START Data provided

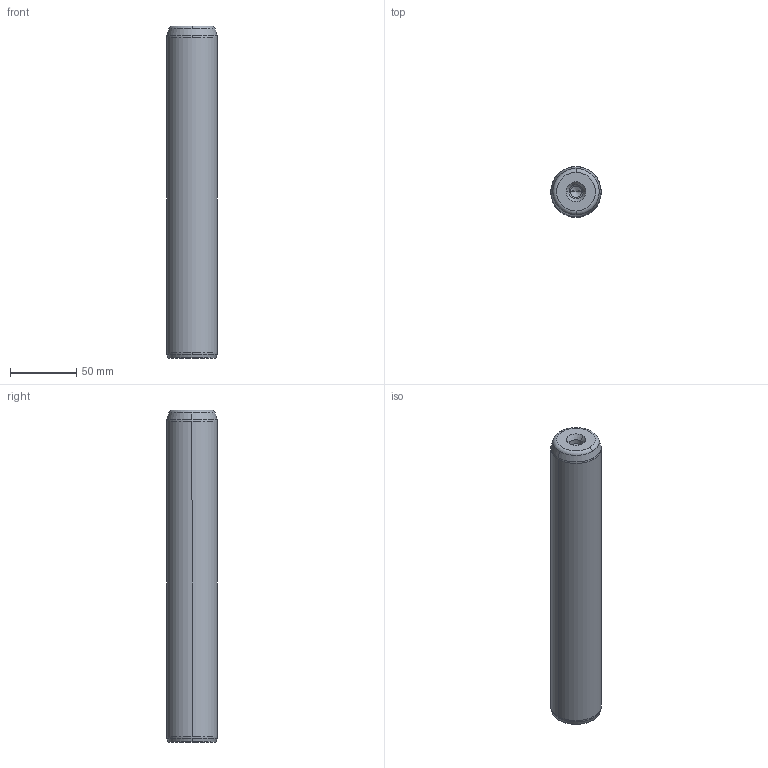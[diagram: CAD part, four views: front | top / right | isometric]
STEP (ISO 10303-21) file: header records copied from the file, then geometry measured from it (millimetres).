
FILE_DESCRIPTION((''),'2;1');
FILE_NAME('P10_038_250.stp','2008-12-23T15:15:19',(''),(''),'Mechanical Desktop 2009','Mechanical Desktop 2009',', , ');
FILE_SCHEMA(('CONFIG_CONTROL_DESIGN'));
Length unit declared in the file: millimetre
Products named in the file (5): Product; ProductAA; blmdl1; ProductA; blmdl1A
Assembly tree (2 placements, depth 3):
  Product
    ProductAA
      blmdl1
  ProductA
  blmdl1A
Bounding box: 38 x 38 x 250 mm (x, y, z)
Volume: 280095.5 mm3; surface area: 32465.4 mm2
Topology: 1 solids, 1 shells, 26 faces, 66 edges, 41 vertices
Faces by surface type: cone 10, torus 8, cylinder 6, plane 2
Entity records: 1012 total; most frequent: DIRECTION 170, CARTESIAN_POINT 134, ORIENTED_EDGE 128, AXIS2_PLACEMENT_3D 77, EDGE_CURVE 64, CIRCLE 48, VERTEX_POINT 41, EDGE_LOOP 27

END Data provided

-- Try it --
When the listing is transcribed, every line must match the original exactly, and the pictures must be left out.

-- Solution to the problem --
[diagram: CAD part, four views: front | top / right | isometric]
STEP (ISO 10303-21) file: header records copied from the file, then geometry measured from it (millimetres).
FILE_DESCRIPTION((''),'2;1');
FILE_NAME('P10_038_250.stp','2008-12-23T15:15:19',(''),(''),'Mechanical Desktop 2009','Mechanical Desktop 2009',', , ');
FILE_SCHEMA(('CONFIG_CONTROL_DESIGN'));
Length unit declared in the file: millimetre
Products named in the file (5): Product; ProductAA; blmdl1; ProductA; blmdl1A
Assembly tree (2 placements, depth 3):
  Product
    ProductAA
      blmdl1
  ProductA
  blmdl1A
Bounding box: 38 x 38 x 250 mm (x, y, z)
Volume: 280095.5 mm3; surface area: 32465.4 mm2
Topology: 1 solids, 1 shells, 26 faces, 66 edges, 41 vertices
Faces by surface type: cone 10, torus 8, cylinder 6, plane 2
Entity records: 1012 total; most frequent: DIRECTION 170, CARTESIAN_POINT 134, ORIENTED_EDGE 128, AXIS2_PLACEMENT_3D 77, EDGE_CURVE 64, CIRCLE 48, VERTEX_POINT 41, EDGE_LOOP 27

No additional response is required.